Begin Mike Church Show Transcript

Mike:  Just remember the early GOP debates we covered where there were seven and eight candidates, how disjointed that seemed because ultimately, what happened?

AG:  Johnson got two minutes.

Mike:  It was Rick Perry versus Mitt Romney.

AG:  Is there an answer in terms of, do you ultimately get to have x-amount of candidates on there?
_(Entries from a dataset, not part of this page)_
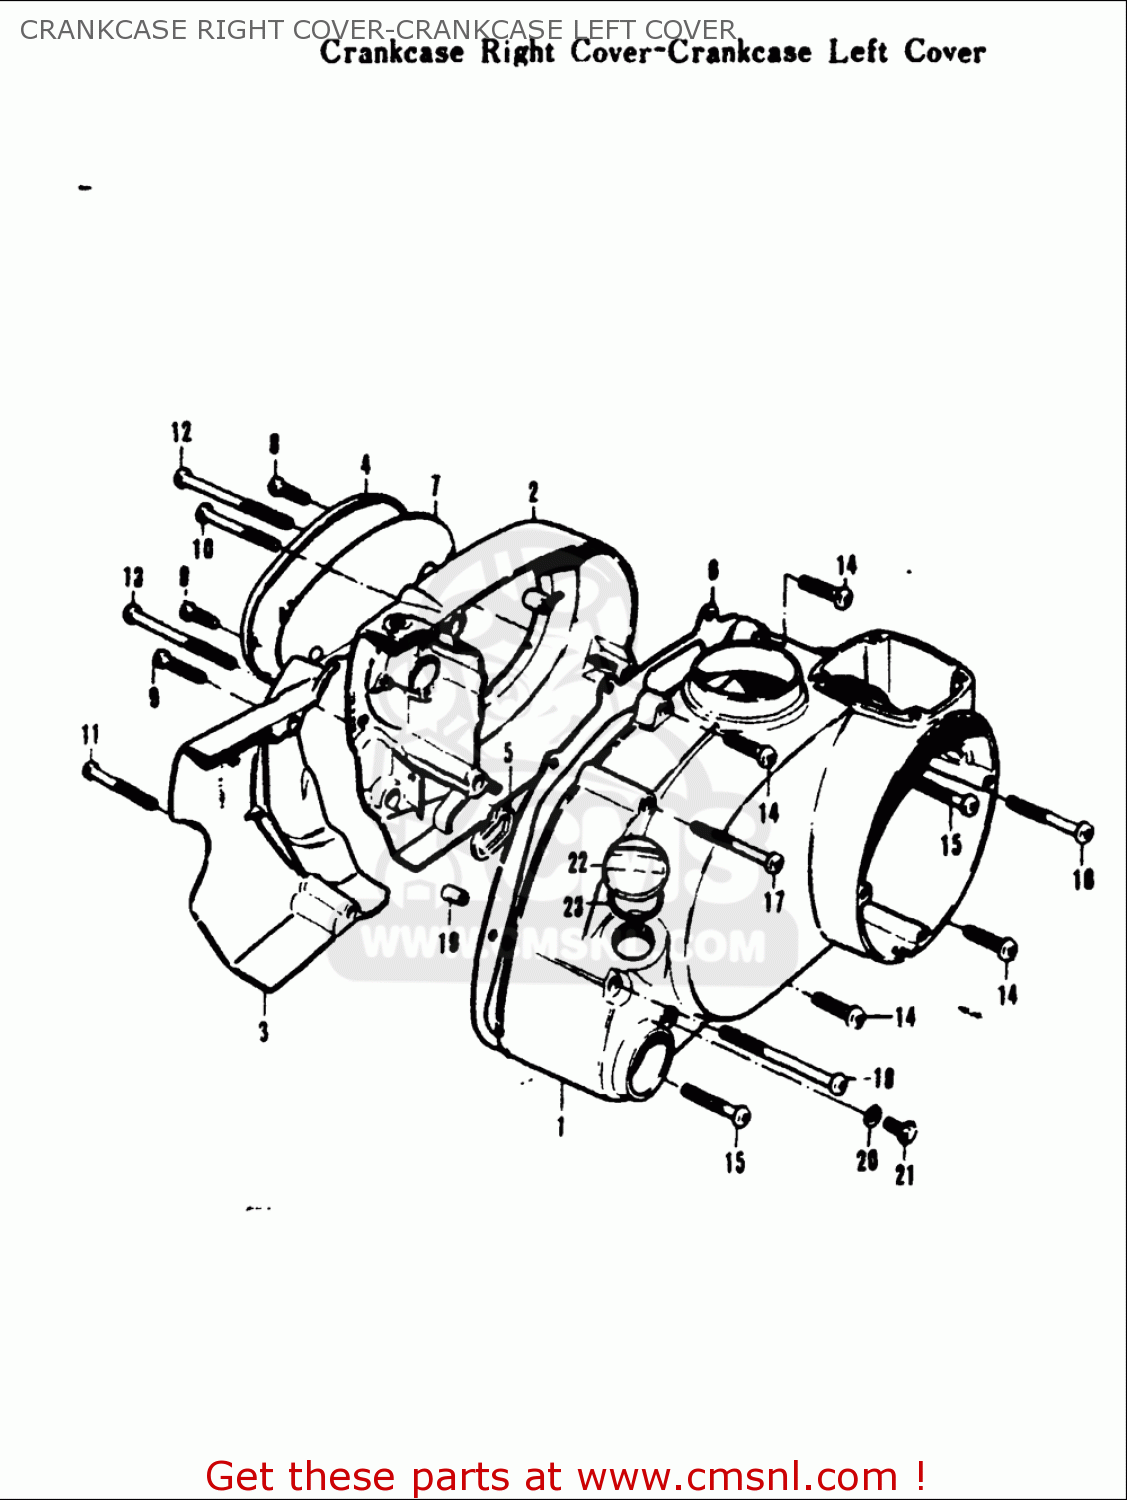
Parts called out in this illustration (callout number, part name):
6	GASKET,CLUTCH COVER (NAS)
14	SCREW
15	SCREW
16	SCREW
17	SCREW
18	SCREW
19	PIN
20	GASKET(6.2X11X1) (NAS)
22	PLUG SET
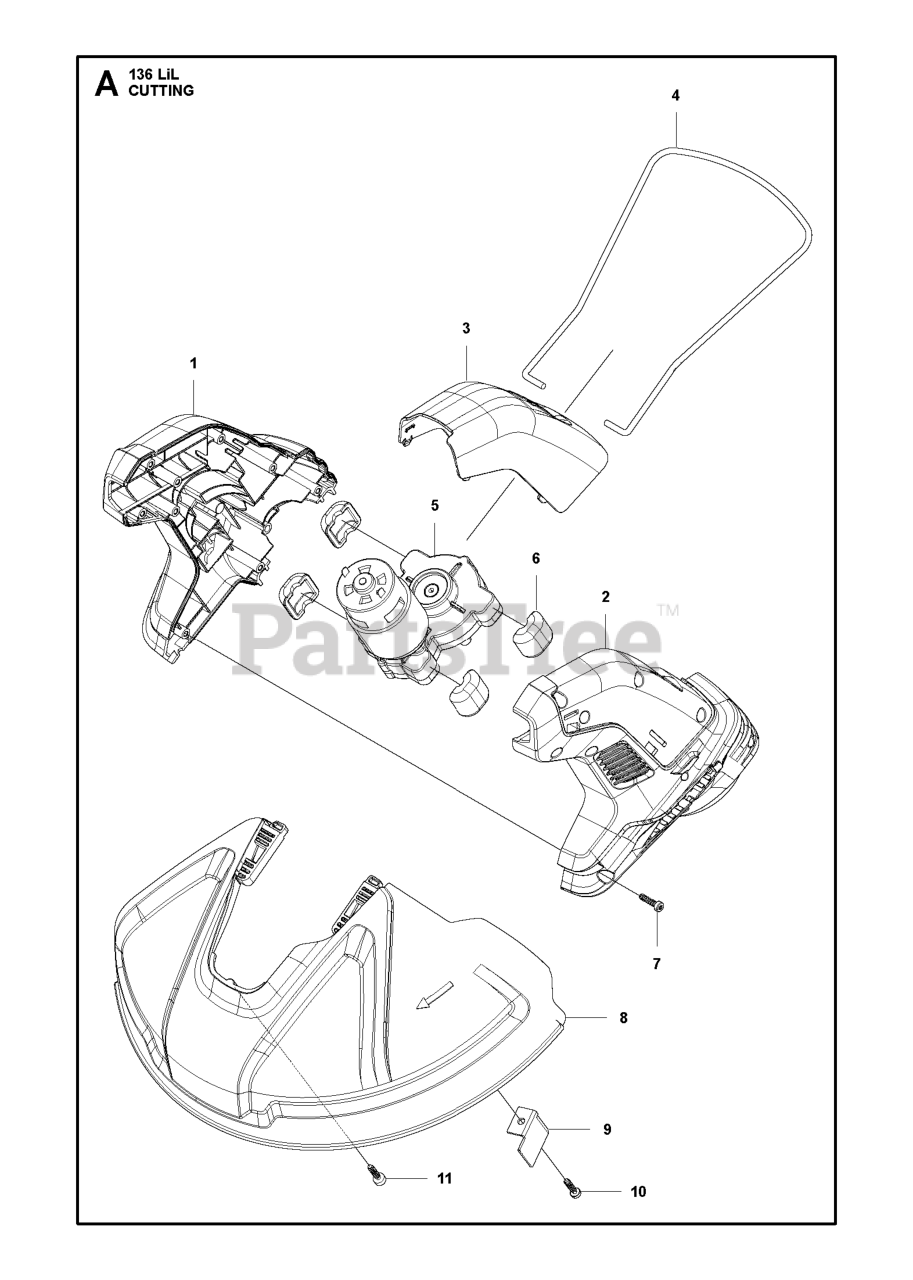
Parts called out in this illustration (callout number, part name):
1	HOUSING MOTOR HOUSING L
2	HOUSING MOTOR HOUSING R
3	COVER MOTOR HOUSING
4	RING PLANT GUARD
5	GEAR GEAR BOX ASSEMBLY
7	SCREW ST4X16
8	GUARD FOR CUTTING HEAD
9	BLADE 330MM
10	SCREW ST4X16
11	SCREW ST4*16
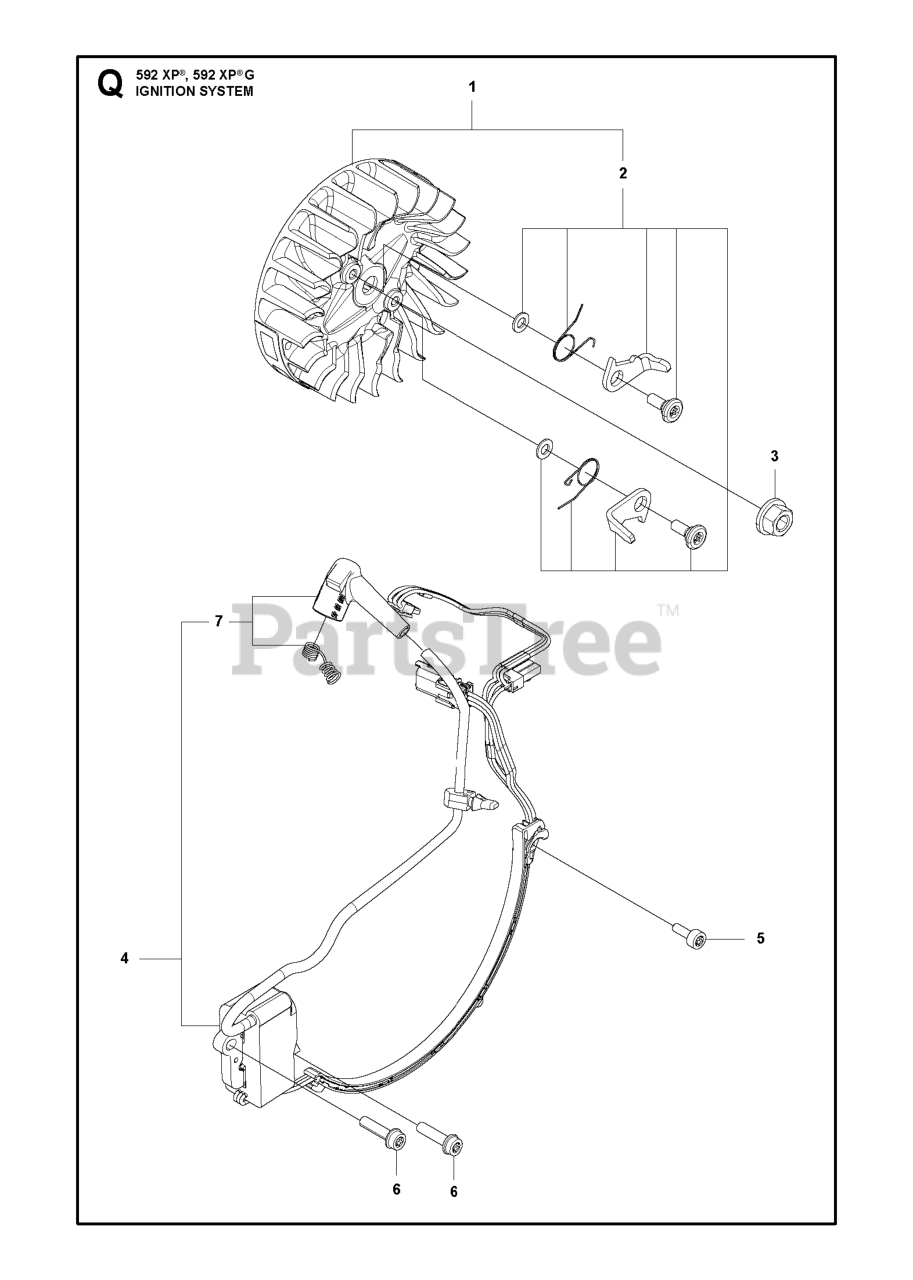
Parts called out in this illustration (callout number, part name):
1	FLYWHEEL ASSY D114
2	SCREW KIT PAWL 90CC SPARE PART
3	NUT W/ WASHER
4	IGNITION KIT
5	SCREW ITXSCM
7	SPARK PLUG CAP KIT SPARE PART
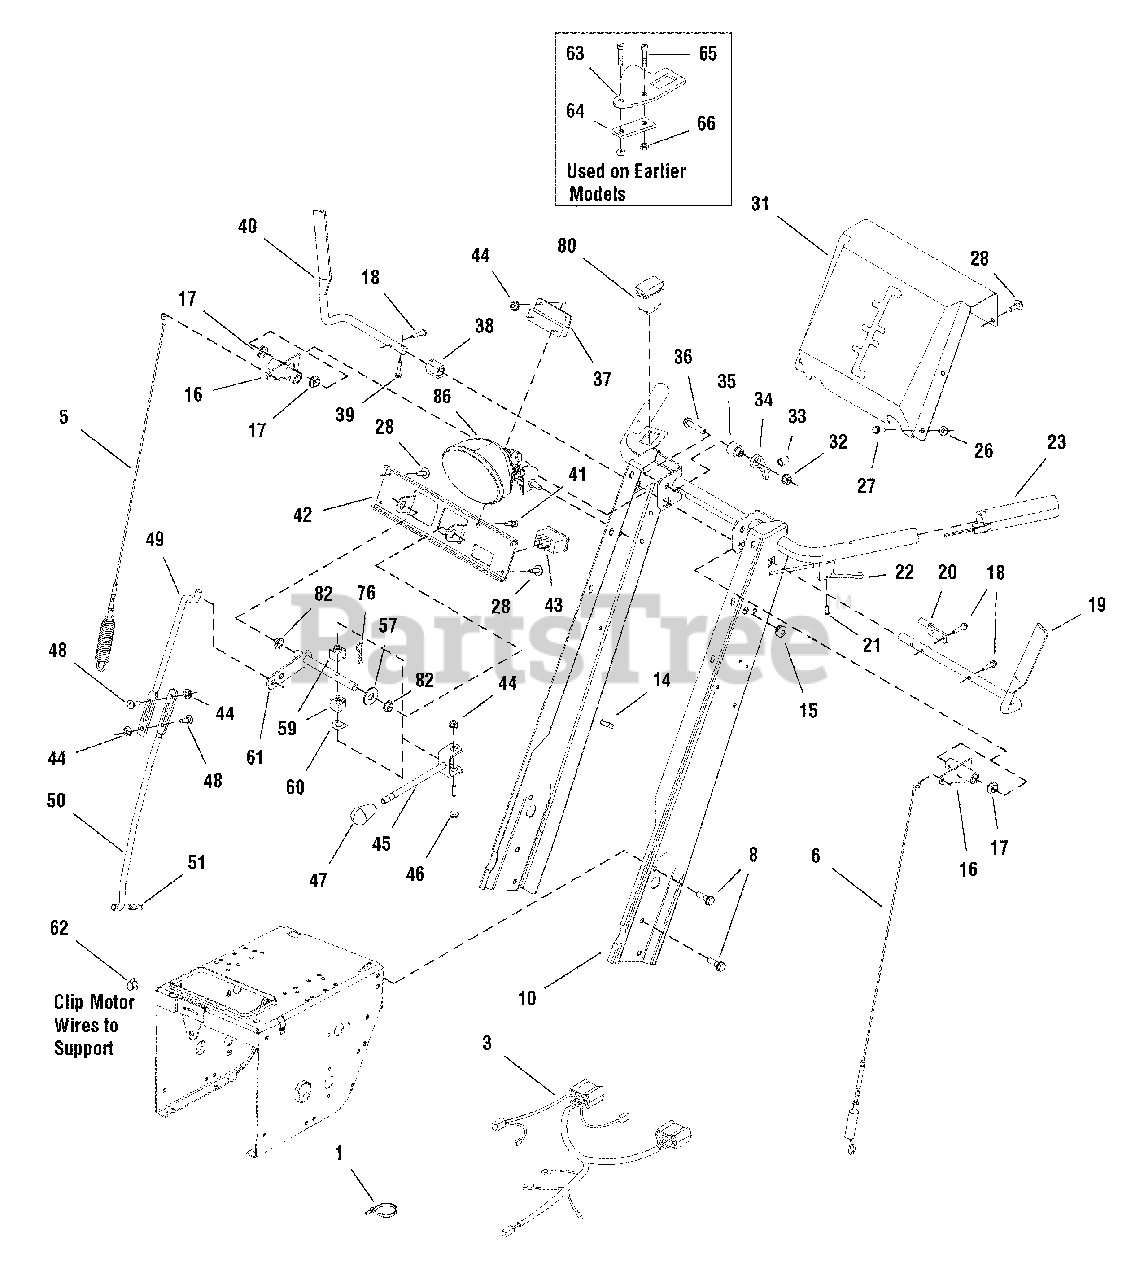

Mike:  I can answer your question.  There is no answer.  Contained in the speech that Russell Kirk wrote for Barry Goldwater is at least part of the answer, and in what Winston Elliott wrote that I read on the air earlier today.  Government is just a tool.  People say, [mocking] “I want to reduce the size and the scope.”  If you’re going to reduce the size and the scope, then you’re going to have to enlarge the sphere of virtue.  You’re going to have to enlarge the sphere of — I’m sorry, I have to say this — chivalry and manliness.  Men, you’re actually going to have to be men for once in our lives again.  You’re going to have to start putting your foot down and you’re going to have to start running your family as a family.  Things will descend from that, from a natural hierarchical order of things.  We’re going to have to be the leaders.  When I read that little piece of the Kirk speech earlier, I was reading about how:

[reading]

Our conservative task of saving mankind from collective degradation will not make you rich; [Mike: Well, how many people want to engage in something that’s not going to make them wealthy?] probably it will not make you powerful; [Mike: How many people want to get involved in a power struggle that’s not going to accrue any power to you?] possibly it may mean that you will live harder and less long than if you were content to be a slave or a coward.  [Mike: How many people want to live less long?]  This task has one high reward: the consciousness of being fully human, in the cause of truth and Justice and of man as God meant him to be.  You have the talent and the training for the duty that is yours.  I am confident that you will not fail to stand up for the things which make life worth living.

[end reading]

To put a coda on the end of that with what Winston had written at The American Conservative magazine:

[reading]

I desire to restore a republic rooted in faith, family, and local community.  I respect the dignity of the human person and oppose political ideologies that promote an abstract liberty.  I do not believe our primary enemy is government.  Man’s primary enemy is found in original sin and its effects.  Contrary to the argument that government is evil, I recognize that government is a tool.  It is the persons wielding the tool who may do evil.  In my view, the vote for president is a choice between the two major party candidates.  [Mike: Then he goes into why he thinks one is preferable over the other.]  We don’t have to like either candidate.  We aren’t picking a roommate.  As in much of life, we are not presented with an ideal choice but choose we must or others will do it for us.  The sad truth is that many Americans believe that we should have a nanny state that will take care of us.  Is this the fault of the politicians?  No, it is the failure of the citizens of the Republic.  The fault is not in our stars but in ourselves.

[end reading]

Mike:  Kirk had written about material prosperity and how material prosperity back in the 1960’s was what Americans were wielding against communism.  Russell Kirk had a slight problem with that.  He wondered isn’t there something else we’re better at than the communists, than making better toasters and lawnmowers?  Is there something we do better than the Commies other than manufacture automobiles?

[reading]

Fascinated by stories of the gold rush, land hunger, and buffalo hunting, they ignore the real story – the story of pioneers with the spiritual fibre to overcome impossible material obstacles to carve a civilization out of the wilderness.  The same sort of materialist vision which distorts the true meaning of the opening of the West, is presenting a picture of America to the world which interprets the ideals of America in purely economic terms.  [Mike: I think he’s onto something, or he was onto something, way back in 1962, Barry Goldwater was.]  We have seen a world-wide publicity campaign which offers a mail-order catalogue as the quintessence of the American Dream – a sort of materialist substitute for the Bible.  Somehow the idea has gotten abroad that the way to share the American ideal is to become bigger, fatter and more luxurious.  People are beginning to believe that to be American is simply to have more food and more complicated gadgets.

[end reading]

Mike:  That whole thing about the American Dream doesn’t have anything to do with securing your freedoms and liberties and then passing them onto your posterity.  It has to do with making sure your kid can live in a suburb with a brand-new BMW in the driveway and a 3500-square-foot house.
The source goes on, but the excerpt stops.